In the 1922 census of Palestine, conducted by the Mandatory Palestine authorities, Kukab had a population of 167, all Muslims, increasing in the 1931 census to 220, still all Muslims, in 46 houses. In time the village expanded to the north and the west in a circle around the fortress. The Muslim population of the village used their land, which lay outside the village walls, for agriculture. In the 1945 statistics Kawkab al-Hawa had a population of 300 Muslims with a total of 9,949 dunes of land. Of this, a total of 5,839 dunums was allocated to cereals; 170 dunums were irrigated or used for orchards, while 56 dunams was built-up land.

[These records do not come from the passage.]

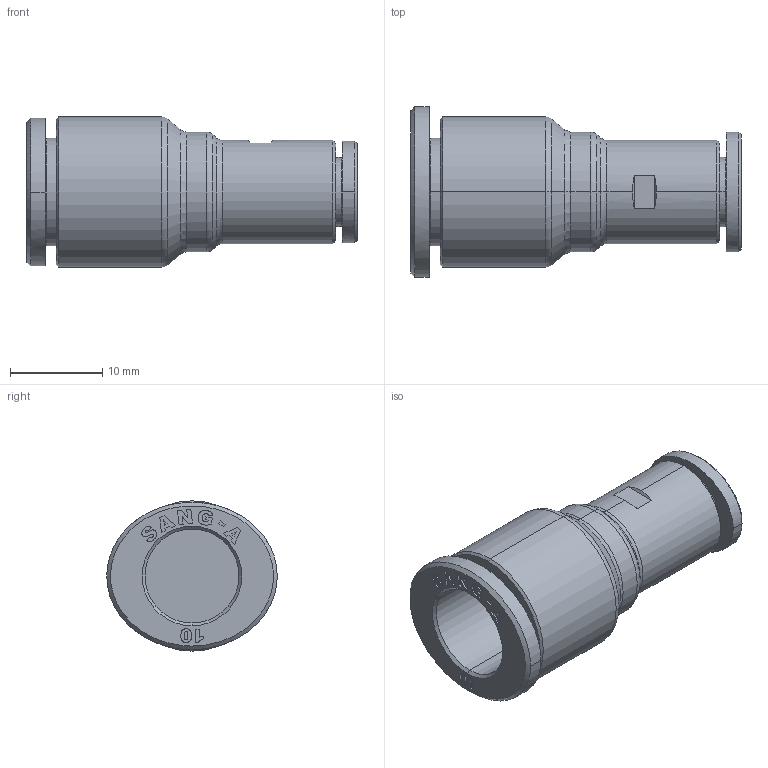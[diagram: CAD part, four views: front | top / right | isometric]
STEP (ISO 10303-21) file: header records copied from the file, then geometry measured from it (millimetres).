
FILE_DESCRIPTION((''),'2;1');
FILE_NAME('GPG_1006(3D).stp','2012-12-20T14:38:13',(''),(''),'Mechanical Desktop.R8.0.24.0','Mechanical Desktop.R8.0.24.0',', , ');
FILE_SCHEMA(('CONFIG_CONTROL_DESIGN'));
Length unit declared in the file: millimetre
Products named in the file (2): GPG_1006(3D); 睡ヶ1
Assembly tree (1 placements, depth 2):
  GPG_1006(3D)
    睡ヶ1
Bounding box: 35.85 x 18.5 x 16.3 mm (x, y, z)
Volume: 3282.1 mm3; surface area: 3153.2 mm2
Topology: 1 solids, 1 shells, 637 faces, 1797 edges, 1189 vertices
Faces by surface type: plane 551, bspline 42, cylinder 26, cone 14, torus 4
Entity records: 21672 total; most frequent: CARTESIAN_POINT 5142, ORIENTED_EDGE 3594, DIRECTION 3105, EDGE_CURVE 1797, VECTOR 1637, LINE 1637, VERTEX_POINT 1189, AXIS2_PLACEMENT_3D 734
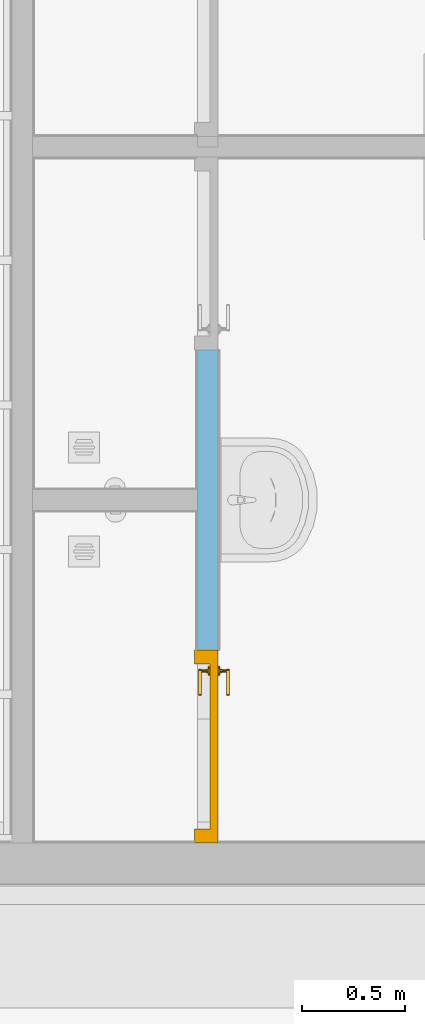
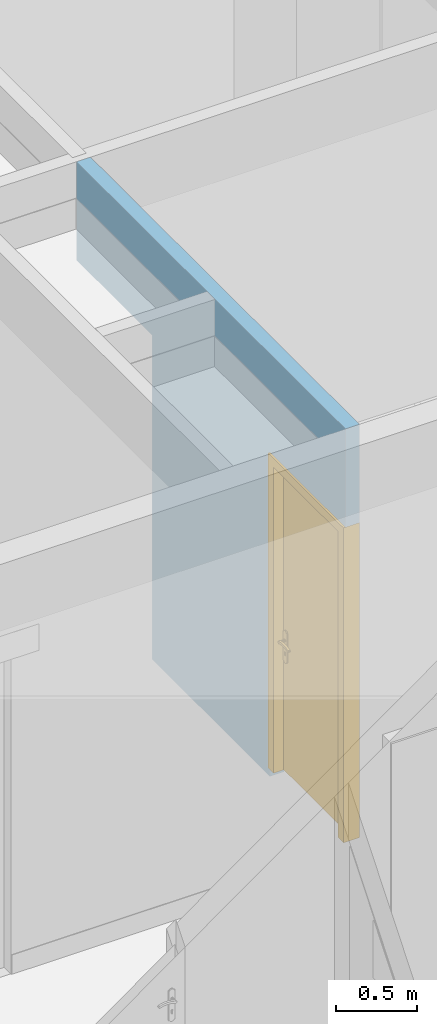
# One storey, part 9 of 788: 1 door, 2 openings, plus 1 element that does not belong to this part.
"""IFC2X3 building model written with IfcOpenShell, lengths in millimetres."""

from ifc_helpers import new_model, entity, si_unit, converted_unit, derived_unit, money_unit, direction, frame, origin_with_axes, place, context, subcontext, project, spatial, faceted_brep, source, transform, mapped, material, type_object, type_shapes, element, fill, save


model = new_model("IFC2X3")

# Units and contexts
model_context = context("Model", 3, precision=0.01, world=origin_with_axes(), true_north=direction((0.0, 1.0)))
plan_context = context("Plan", 3, precision=0.01, world=origin_with_axes(), true_north=direction((0.0, 1.0)))
body_context = subcontext(model_context, "Body", "Model", "MODEL_VIEW")
ifc_project = project(units=[si_unit("LENGTHUNIT", "METRE", prefix="MILLI"), si_unit("AREAUNIT", "SQUARE_METRE"), si_unit("VOLUMEUNIT", "CUBIC_METRE"), converted_unit("PLANEANGLEUNIT", "DEGREE", entity("IfcPlaneAngleMeasure", 0.0174532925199), si_unit("PLANEANGLEUNIT", "RADIAN"), dimensions=[0, 0, 0, 0, 0, 0, 0]), money_unit("EUR"), converted_unit("TIMEUNIT", "Year", entity("IfcTimeMeasure", 31556926.0), si_unit("TIMEUNIT", "SECOND"), dimensions=[0, 0, 1, 0, 0, 0, 0]), si_unit("MASSUNIT", "GRAM", prefix="KILO"), si_unit("THERMODYNAMICTEMPERATUREUNIT", "DEGREE_CELSIUS"), si_unit("LUMINOUSINTENSITYUNIT", "LUMEN"), si_unit("ENERGYUNIT", "JOULE", prefix="MEGA"), derived_unit("THERMALCONDUCTANCEUNIT", [(si_unit("POWERUNIT", "WATT"), 1), (si_unit("LENGTHUNIT", "METRE"), -1), (si_unit("THERMODYNAMICTEMPERATUREUNIT", "KELVIN"), -1)]), derived_unit("SPECIFICHEATCAPACITYUNIT", [(si_unit("ENERGYUNIT", "JOULE"), 1), (si_unit("MASSUNIT", "GRAM", prefix="KILO"), -1), (si_unit("THERMODYNAMICTEMPERATUREUNIT", "KELVIN"), -1)]), derived_unit("MASSDENSITYUNIT", [(si_unit("MASSUNIT", "GRAM", prefix="KILO"), 1), (si_unit("VOLUMEUNIT", "CUBIC_METRE"), -1)])], contexts=[model_context, plan_context])

# Site, building, storey
site_placement = place(None, origin_with_axes())
site = spatial("IfcSite", under=ifc_project, at=site_placement, Name="Site", CompositionType="ELEMENT")
building_placement = place(site_placement, origin_with_axes())
building = spatial("IfcBuilding", under=site, at=building_placement, Name="Naam gebouw", CompositionType="ELEMENT")
storey_placement = place(building_placement, origin_with_axes())
storey = spatial("IfcBuildingStorey", under=building, at=storey_placement, Name="Begane grond", CompositionType="ELEMENT", Elevation=0.0)

# Wall, openings, door
ifc_material = material(Name="Steen - Betonblok C")
wall_type = type_object("IfcWallType", Name="22 Binnenwand NC_betonblok 100mm 100", PredefinedType="ELEMENTEDWALL")
wall_placement = place(storey_placement, frame((68656.0127546, -47328.9563034, 830.0), z_axis=(0.0, 0.0, 1.0), x_axis=(0.0, -1.0, 0.0)))
wall = element("IfcWall", 1, at=wall_placement, inside=storey, type_object=wall_type, material=ifc_material, Name="Binnenwand", context=body_context, shape_type="Brep", body=[
    faceted_brep([(2441.04552762, 100.0, 2447.0), (2441.04552762, 100.0, 70.0), (2441.04552762, 100.0, 0.0), (984.000000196, 100.0, 0.0), (984.000000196, 100.0, 70.0), (984.000000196, 100.0, 2447.0), (50.043772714, 100.0, 2447.0), (50.043772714, 100.0, 3190.0), (3375.04377271, 100.0, 3190.0), (3375.04552762, 100.0, 2447.0), (2441.04552762, 0.0, 2447.0), (2441.04552762, 0.0, 70.0), (2441.04552762, 0.0, 0.0), (984.000000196, 0.0, 0.0), (984.000000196, 0.0, 70.0), (984.000000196, 0.0, 2447.0), (50.043772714, 0.0, 2447.0), (50.043772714, 0.0, 3190.0), (3375.04377271, 0.0, 3190.0), (3375.04552762, 0.0, 2447.0)], [[[0, 1, 2, 3, 4, 5, 6, 7, 8, 9]], [[1, 0, 10, 11]], [[1, 11, 12, 2]], [[12, 13, 3, 2]], [[4, 3, 13, 14]], [[4, 14, 15, 5]], [[6, 5, 15, 16]], [[16, 17, 7, 6]], [[8, 7, 17, 18]], [[19, 9, 8, 18]], [[0, 9, 19, 10]], [[10, 19, 18, 17, 16, 15, 14, 13, 12, 11]]]),
])
opening_1_placement = place(wall_placement, frame((517.000000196, 0.0, 70.0), z_axis=(0.0, 0.0, 1.0), x_axis=(1.0, 0.0, 0.0)))
element("IfcOpeningElement", 2, at=opening_1_placement, cuts=wall, Name="b1.11-sp", context=body_context, shape_type="Brep", body=[
    faceted_brep([(-467.0, 200.0, 2377.0), (-467.0, 200.0, 0.0), (-467.0, -100.0, 0.0), (-467.0, -100.0, 2377.0), (467.0, 200.0, 2377.0), (467.0, 200.0, 0.0), (467.0, -100.0, 0.0), (467.0, -100.0, 2377.0)], [[[0, 1, 2, 3]], [[0, 4, 5, 1]], [[1, 5, 6, 2]], [[3, 2, 6, 7]], [[4, 0, 3, 7]], [[5, 4, 7, 6]]]),
])
opening_2_placement = place(wall_placement, frame((2908.04552762, 0.0, 70.0), z_axis=(0.0, 0.0, 1.0), x_axis=(1.0, 0.0, 0.0)))
opening_2 = element("IfcOpeningElement", 3, at=opening_2_placement, cuts=wall, Name="b1.11", context=body_context, shape_type="Brep", body=[
    faceted_brep([(467.0, -100.0, 2377.0), (467.0, -100.0, 0.0), (467.0, 200.0, 0.0), (467.0, 200.0, 2377.0), (-467.0, -100.0, 2377.0), (-467.0, -100.0, 0.0), (-467.0, 200.0, 0.0), (-467.0, 200.0, 2377.0)], [[[0, 1, 2, 3]], [[0, 4, 5, 1]], [[1, 5, 6, 2]], [[3, 2, 6, 7]], [[4, 0, 3, 7]], [[5, 4, 7, 6]]]),
])
door_style = type_object("IfcDoorStyle", Name="D1 25", ConstructionType="NOTDEFINED", OperationType="SINGLE_SWING_RIGHT", ParameterTakesPrecedence=False, Sizeable=False)
shared_shape = source(origin_with_axes(), body_context, "Body", "Brep", [
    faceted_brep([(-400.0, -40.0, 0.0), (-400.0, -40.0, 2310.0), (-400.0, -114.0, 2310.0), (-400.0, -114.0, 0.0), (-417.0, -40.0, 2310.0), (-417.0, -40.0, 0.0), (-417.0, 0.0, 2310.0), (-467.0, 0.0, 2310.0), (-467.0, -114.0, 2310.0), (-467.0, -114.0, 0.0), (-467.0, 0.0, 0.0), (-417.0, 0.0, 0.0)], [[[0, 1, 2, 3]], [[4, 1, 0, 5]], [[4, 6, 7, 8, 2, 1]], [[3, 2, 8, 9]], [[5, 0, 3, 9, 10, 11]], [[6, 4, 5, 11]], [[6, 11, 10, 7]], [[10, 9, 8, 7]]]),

According to Benny Morris, Kibbutzniks demanded - and often themselves carried out - the destruction of neighbouring villages for local reasons, as a means of blocking the return of the Arab villagers. For this reason a veteran local leader, Nahum Wurwitz of Kfar Gil'adi appealed in a letter in September 1948 for permission to destroy Kawkab al-Hawa, Jabbul, al-Bira and al-Hamidiyya in the area for fear that they may be used by Arabs for military operations and to enable them to "take the village's lands, because the Arabs won't be able to return there". Walid Khalidi described the remaining structures of the village in 1992:
"The village has been eliminated, but the site of the Belvoir Castle has been excavated and turned into a tourist attraction. Fig and olive trees grow on the village site. The slopes overlooking the Baysan Valley and Wadi al-Bira are used by Israelis as grazing areas; they also cultivate the other surrounding lands."
According to Meron Benvenisti, Kawkab al-Hawa represents one of the most conspicuous examples of the Israeli practice of removing Arab settlements of all Arab structures which did not interest them. At Kawkab al-Hawa all Arab structures were demolished by the Israelis, while the Crusader buildings were restored and made into tourist attractions. According to Benvenisti: "In the Israeli context, it is preferable to immortalize those who exterminated the Jewish communities of Europe and murdered the Jews of Jerusalem in 1099 than to preserve relics of the local Arab civilization with which today's Israelis supposedly coexist. Crusader structures, both authentic and fabricated, lend a European, romantic character to the country's landscape, whereas Arab buildings spoil the myth of an occupied land under foreign rule, awaiting liberation at the hands of the Jews returning to their homeland."